16 April, 2014

Badgerys Creek airport announcment illustrates our politicians just 'don't get it'


Badgerys Creek is to the
 left and Sydney to the right.
Badgerys Creek airport announcements illustrate, conclusively, the Australian politicians just “don’t get it”.

A confluence of world events – energy scarcity, a damaged atmosphere being manifested in a changed climate, a less than healthy world economy – makes the development of a multi-billion dollar second airport for Sydney a wholly inappropriate idea.

However, it is not just an idea for with bi-partisan political support the airport and the infrastructure that supports it will soon be taking shape.

Ideology driving the airport is exactly that which has seen the world act irresponsibly in terms of resource use to such an extent that we have polluted earth’s atmosphere through our incessant use of hydrocarbons, the steady and unrelenting erosion of what is a finite resource and a severely undisciplined approach to our handling of the world’s economy.

Announcing the Badgerys Creek plan, Australia’s Prime Minister, Tony Abbott, said roads supporting the airport would be developed first followed by the airport itself.

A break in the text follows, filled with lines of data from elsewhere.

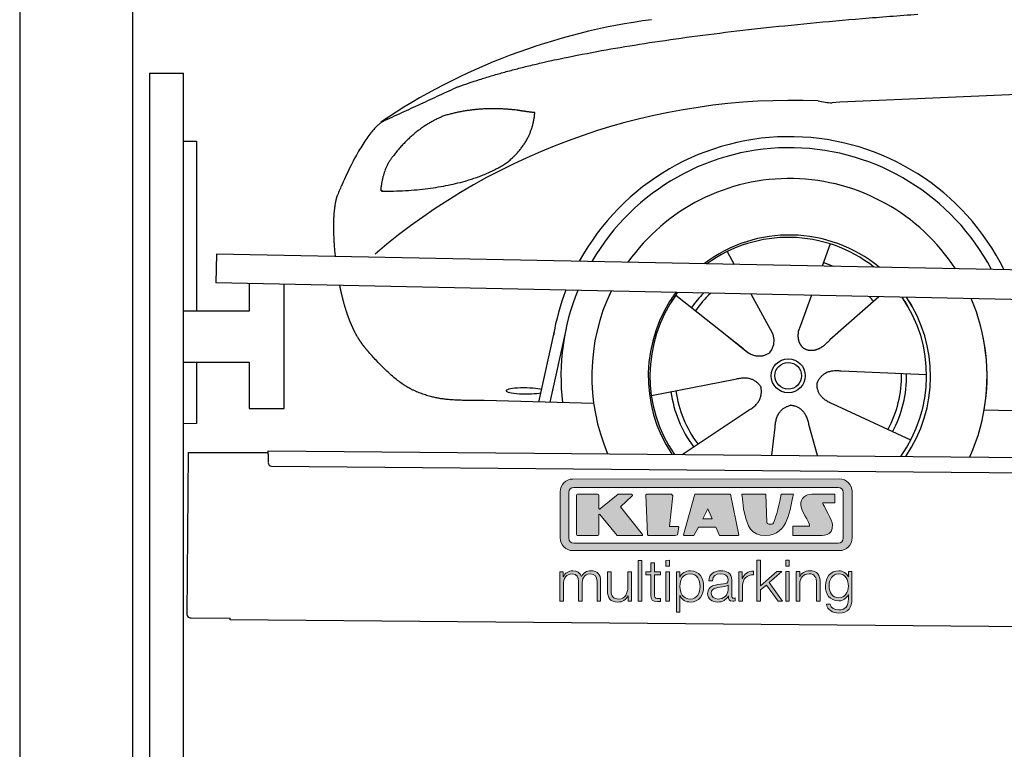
# Model space of a CAD drawing. Header units: millimetres. Extents: x -411 to 6777, y 0 to 6777.
# Tile 2 of 6: x 0 to 1744, y 4115 to 5407. Entities that reach past the tile are written whole.
import ezdxf

# ---------------------------------------------------------------- set-up
doc = ezdxf.new("R2010")
doc.units = ezdxf.units.MM
for name, color, linetype, lineweight in [('car', 10, 'Continuous', 25), ('Gebäude', 7, 'Continuous', 25), ('Logo', 7, 'Continuous', 25), ('Plattform', 7, 'Continuous', 25), ('Ständer hinten', 7, 'Continuous', 25)]:
    doc.layers.add(name, color=color, linetype=linetype, lineweight=lineweight)

# ---------------------------------------------------------------- blocks, each defined once
blk = doc.blocks.new('Car')
at = {"layer": 'car'}
for p, q in [((1389.1, 5022.9), (1375.2, 4983.4)), ((1207, 5007.6), (1219.7, 4985.1)), ((1116.7, 4929.5), (1236.2, 4836.6)), ((1249.3, 4932.9), (1287.8, 4864.6)), ((1357, 4931.6), (1338.1, 4877.7)), ((1476.2, 4930.2), (1390.1, 4852.7)), ((876.1, 4738.2), (903.4, 4869.2)), ((923, 4868.9), (895.7, 4737.9)), ((1198.8, 4865.7), (1245.4, 4829.5)), ((1338.1, 4877.7), (1334.3, 4867.3)), ((1562.2, 4792.7), (1410.8, 4797.7)), ((1075.1, 4751.5), (1223.4, 4781.8)), ((973.1, 4736.5), (778.9, 4740)), ((1130.5, 4647.7), (1246.7, 4726.5)), ((1535, 4676.5), (1397.2, 4739.2)), ((1664.8, 4731.7), (3713.7, 4697)), ((1289.2, 4647.8), (1294.8, 4697.4)), ((1370.4, 4647.8), (1354.6, 4702.5))]:
    blk.add_line(p, q, dxfattribs=at)
for radius in [30.1, 23.6]:
    blk.add_circle((1317.2, 4788.7), radius, dxfattribs=at)
for centre, radius, start, end in [((1226.2, 4305.6), 1122.3, 98.0395, 124.4377), ((1330.9, 4135.2), 1141.2, 88.2487, 130.916), ((1392.2, 5390.2), 117.4, 256.9855, 269.1884), ((1319.3, 4787.9), 424.2, 26.9197, 151.8432), ((1319.3, 4787.9), 404.6, 28.3768, 150.3862), ((1319.3, 4787.9), 350, 33.4585, 145.3045), ((1319.3, 4787.9), 250, 51.0494, 127.7135), ((1317.2, 4788.7), 245, 52.2371, 126.5259), ((1317.2, 4788.7), 209.6, 68.0621, 73.3995), ((1319.3, 4787.9), 424.2, 159.4632, 170.7471), ((1319.3, 4787.9), 404.6, 158.4572, 187.1619), ((1319.3, 4787.9), 350, 155.0104, 203.6179), ((1319.3, 4787.9), 350, 155.0104, 157.8717), ((1319.3, 4787.9), 250, 144.1237, 214.1037), ((1319.3, 4787.9), 250, 144.1237, 148.496), ((1317.2, 4788.7), 245, 143.5289, 148.0172), ((1317.2, 4788.7), 245, 144.9266, 215.1376), ((1317.2, 4788.7), 209.6, 136.2024, 145.3995), ((1317.2, 4788.7), 200.6, 133.7482, 145.5463), ((1317.2, 4788.7), 200.6, 41.6402, 44.9032), ((1317.2, 4788.7), 245, 30.7457, 35.1225), ((1317.2, 4788.7), 245, 324.9119, 35.1225), ((1319.3, 4787.9), 250, 30.267, 34.5277), ((1319.3, 4787.9), 250, 325.9458, 34.5277), ((1319.3, 4787.9), 350, 350.7505, 23.641), ((1319.3, 4787.9), 350, 336.4317, 11.924), ((1317.2, 4788.7), 200.6, 332.1152, 1.5463), ((1317.2, 4788.7), 209.6, 332.262, 1.3995), ((1317.2, 4788.7), 200.6, 188.1152, 217.5463), ((1317.2, 4788.7), 209.6, 188.262, 217.3995)]:
    blk.add_arc(centre, radius, start, end, dxfattribs=at)
blk.add_ellipse((851.5, 4757.6), major_axis=(33.6, 0), ratio=0.157274, start_param=0.513473, end_param=5.704241, dxfattribs=at)
for points, degree in [([(728.1, 5295), (963.9, 5383.8), (1540.5, 5431)], 2), ([(4699.2, 5387), (3822.5, 5407.3), (1390.5, 5272.9)], 2), ([(728.1, 5295), (594.5, 5231.9)], 1), ([(831.4, 5254.7), (763.8, 5261.8), (704.6, 5243.8)], 2), ([(815.1, 5161.1), (860.8, 5198.5), (864.1, 5250.4)], 2), ([(864.1, 5250.4), (846.3, 5252.3), (831.4, 5254.7)], 2), ([(594.5, 5231.9), (560, 5208.8), (516, 5101.3)], 2), ([(704.6, 5243.8), (652.5, 5222.6), (614.9, 5172.3)], 2), ([(614.9, 5172.3), (596.8, 5152.3), (592.4, 5111)], 2), ([(593.7, 5108.7), (738.4, 5110.6), (815.1, 5161.1)], 2), ([(592.4, 5111), (595.8, 5110.8), (593.7, 5108.7)], 2), ([(516, 5101.3), (509.7, 5085.4), (507.9, 5056.9), (509.2, 5024.5), (512.9, 4992.7)], 4), ([(1236.2, 4836.6), (1259.7, 4814.9), (1282.9, 4828.4)], 2), ([(1410.8, 4797.7), (1379.1, 4801.4), (1368.3, 4776.8)], 2), ([(1223.4, 4781.8), (1254.1, 4790.8), (1268.9, 4768.4)], 2), ([(1246.7, 4726.5), (1274.6, 4742.1), (1268.9, 4768.4)], 2), ([(1397.2, 4739.2), (1367.1, 4750), (1368.3, 4776.8)], 2), ([(1294.8, 4697.4), (1295.7, 4729.4), (1321.6, 4736.5)], 2), ([(1354.6, 4702.5), (1348.4, 4733.8), (1321.6, 4736.5)], 2)]:
    blk.add_open_spline(points, degree=degree, dxfattribs=at)
for points, degree, knots in [([(521.1, 4941.4), (522, 4937.2), (522.9, 4933), (523.9, 4928.9), (524.9, 4924.8), (528.6, 4910), (532.7, 4896.4), (537.2, 4884), (542.1, 4872.7)], 4, [0.4914944, 0.4914944, 0.4914944, 0.4914944, 0.4914944, 0.5422469, 0.5422469, 0.5422469, 0.5422469, 0.728655, 0.728655, 0.728655, 0.728655, 0.728655]), ([(541.8, 4873.4), (543.2, 4870.2), (544.6, 4867.1), (546.1, 4864.1), (547.6, 4861.3), (553.3, 4850.2), (559.3, 4840.9), (565.7, 4833), (572.2, 4825.6)], 4, [0.7288005, 0.7288005, 0.7288005, 0.7288005, 0.7288005, 0.7843928, 0.7843928, 0.7843928, 0.7843928, 1, 1, 1, 1, 1]), ([(1287.8, 4864.6), (1289.5, 4860.5), (1290.5, 4856.6), (1290.9, 4852.7), (1291.6, 4844.1), (1289, 4836), (1282.9, 4828.4)], 3, [0.2167758, 0.2167758, 0.2167758, 0.2167758, 0.4600873, 0.4600873, 0.4600873, 1, 1, 1, 1]), ([(1334.3, 4867.3), (1333.8, 4864.2), (1333.6, 4861.2), (1333.6, 4858.2), (1334, 4855.4), (1334.8, 4849.7), (1336.9, 4844.3), (1340.5, 4839.8), (1345.4, 4836.8)], 4, [0.3191838, 0.3191838, 0.3191838, 0.3191838, 0.3191838, 0.5438253, 0.5438253, 0.5438253, 0.5438253, 1, 1, 1, 1, 1]), ([(1390.1, 4852.7), (1390.1, 4852.7), (1390.1, 4852.7), (1390.1, 4852.7), (1390.1, 4852.7), (1381.1, 4842.8), (1370.5, 4832.8), (1356.2, 4830.3), (1345.4, 4836.8)], 4, [-0.000003, -0.000003, -0.000003, -0.000003, -0.000003, 0, 0, 0, 0, 1, 1, 1, 1, 1]), ([(778.9, 4740), (754.2, 4740.4), (698.6, 4736.3), (662.4, 4749.9), (618.5, 4774.6), (572.2, 4825.6)], 4, [0, 0, 0, 0, 0, 0.597866, 1, 1, 1, 1, 1])]:
    blk.add_open_spline(points, degree=degree, knots=knots, dxfattribs=at)
blk = doc.blocks.new('KLAUS')
at = {"layer": 'Logo'}
h = blk.add_hatch(color=8, dxfattribs=at)
h.dxf.hatch_style = 2
edge = h.paths.add_edge_path()
edge.add_spline(control_points=[(3.6, 29.09), (2.88, 29.09), (2.3, 28.51), (2.3, 27.8), (2.3, 27.8), (2.3, 16.11), (2.3, 16.11), (2.3, 15.39), (2.88, 14.81), (3.6, 14.81), (3.6, 14.81), (71.16, 14.81), (71.16, 14.81), (71.88, 14.81), (72.46, 15.39), (72.46, 16.11), (72.46, 16.11), (72.46, 27.8), (72.46, 27.8), (72.46, 28.51), (71.88, 29.09), (71.16, 29.09), (71.16, 29.09), (3.6, 29.09), (3.6, 29.09), (3.6, 29.09), (3.6, 29.09), (3.6, 29.09)], knot_values=[0, 0, 0, 0, 1, 1, 1, 2, 2, 2, 3, 3, 3, 4, 4, 4, 5, 5, 5, 6, 6, 6, 7, 7, 7, 8, 8, 8, 9, 9, 9, 9], degree=3, periodic=0)
edge = h.paths.add_edge_path()
edge.add_spline(control_points=[(3.35, 31.23), (3.35, 31.23), (71.47, 31.23), (71.47, 31.23), (73.26, 31.23), (74.71, 29.77), (74.71, 27.99), (74.71, 27.99), (74.71, 16.17), (74.71, 16.17), (74.71, 14.38), (73.26, 12.93), (71.47, 12.93), (71.47, 12.93), (3.35, 12.93), (3.35, 12.93), (1.56, 12.93), (0.11, 14.38), (0.11, 16.17), (0.11, 16.17), (0.11, 27.99), (0.11, 27.99), (0.11, 29.77), (1.56, 31.23), (3.35, 31.23), (3.35, 31.23), (3.35, 31.23), (3.35, 31.23)], knot_values=[0, 0, 0, 0, 1, 1, 1, 2, 2, 2, 3, 3, 3, 4, 4, 4, 5, 5, 5, 6, 6, 6, 7, 7, 7, 8, 8, 8, 9, 9, 9, 9], degree=3, periodic=0)
h = blk.add_hatch(color=8, dxfattribs=at)
h.dxf.hatch_style = 2
edge = h.paths.add_edge_path()
edge.add_spline(control_points=[(4.5, 27.33), (4.5, 27.33), (9.7, 27.33), (9.7, 27.33), (9.84, 27.33), (9.96, 27.22), (9.96, 27.08), (9.96, 27.08), (9.96, 23.69), (9.96, 23.69), (9.96, 23.69), (9.94, 23.64), (10.04, 23.59), (10.14, 23.53), (10.2, 23.57), (10.2, 23.57), (10.2, 23.57), (10.51, 23.75), (10.51, 23.75), (10.51, 23.75), (14.94, 27.33), (14.94, 27.33), (14.94, 27.33), (18.41, 27.33), (18.41, 27.33), (18.41, 27.33), (18.49, 27.33), (18.56, 27.2), (18.65, 27.04), (18.53, 26.91), (18.53, 26.91), (18.53, 26.91), (15.49, 24.11), (15.49, 24.11), (15.49, 24.11), (21.14, 17.06), (21.14, 17.06), (21.14, 17.06), (21.13, 16.91), (21.13, 16.91), (21.08, 16.84), (20.99, 16.82), (20.99, 16.82), (20.99, 16.82), (14.7, 16.82), (14.7, 16.82), (14.7, 16.82), (10.26, 22.17), (10.26, 22.17), (10.26, 22.17), (10.19, 22.24), (10.08, 22.21), (9.97, 22.18), (9.96, 22.11), (9.96, 22.11), (9.96, 22.11), (9.96, 17.08), (9.96, 17.08), (9.96, 16.94), (9.84, 16.82), (9.7, 16.82), (9.7, 16.82), (4.5, 16.82), (4.5, 16.82), (4.36, 16.82), (4.25, 16.94), (4.25, 17.08), (4.25, 17.08), (4.25, 27.08), (4.25, 27.08), (4.25, 27.22), (4.36, 27.33), (4.5, 27.33), (4.5, 27.33), (4.5, 27.33), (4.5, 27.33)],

“We don’t want the people of western Sydney to have an airport without having the decent transport infrastructure that western Sydney deserves,” he said.

Driven obviously by the need to placate voters in western Sydney, Mr Abbott was quick to point to the economic implications for western Sydney claiming a completed and fully operational airport would create work for 60 000 people.

The whole idea, of course, is not related in any sense to creating an Australia able to endure the social changes that will be enforced upon us as climate change worsens and disrupts the business as usual paradigm.

Assistant minister for infrastructure and regional development, Jamie Briggs, told Radio National this morning that the bewildering array of roads around the second Sydney airport said, in answer the question about what was the government doing, said what  was happening was not about an airport, rather is was about an economic plan.

“What we’re doing with this is building the capacity of a city of in effect two million people growing at three million people over the next few decades so they can contribute more to our national economy – the airport is but a part of a broader plan,” he said.

He argued that the airport was just a part of “growing” our national economy,

He cleverly deflected questions about cost to coming May budget which will be brought down by Treasurer, Mr Joe Hockey.

Mr Briggs said that government had gone to last year’s election promising many things, among them that it would build the infrastructure of the 21st Century.

Former western Sydney
Liberal MP, Jackie Kelly,
who says Tony Abbott has
signed his 'death warrant".
The plan for the Badgerys Creek airport does not include rail and Mr Briggs slid out from under that question pointing out that Australia’s rail passenger network was state owned and operated, suggesting any rail link would be the responsibility of the New South Wales O’Farrell Government (although that, as of this morning, Wednesday, April 16, is about to change for NSW Premier, Barry O’Farrell, has announced his intention to resign).

He told Radio National listeners this (the Badgery Creek airport) was part of a plan for a “better Australia”.

The “better Australia” Mr Briggs his Coalition cohorts seek is not to be found in spending billions on a carbon-intensive project.

However, the project is not without its critics among them some locals who are unhappy with what is intended and former western Sydney Liberal MP Jackie Kelly has vowed to campaign against the airport, saying Tony Abbott has signed his “death warrant”.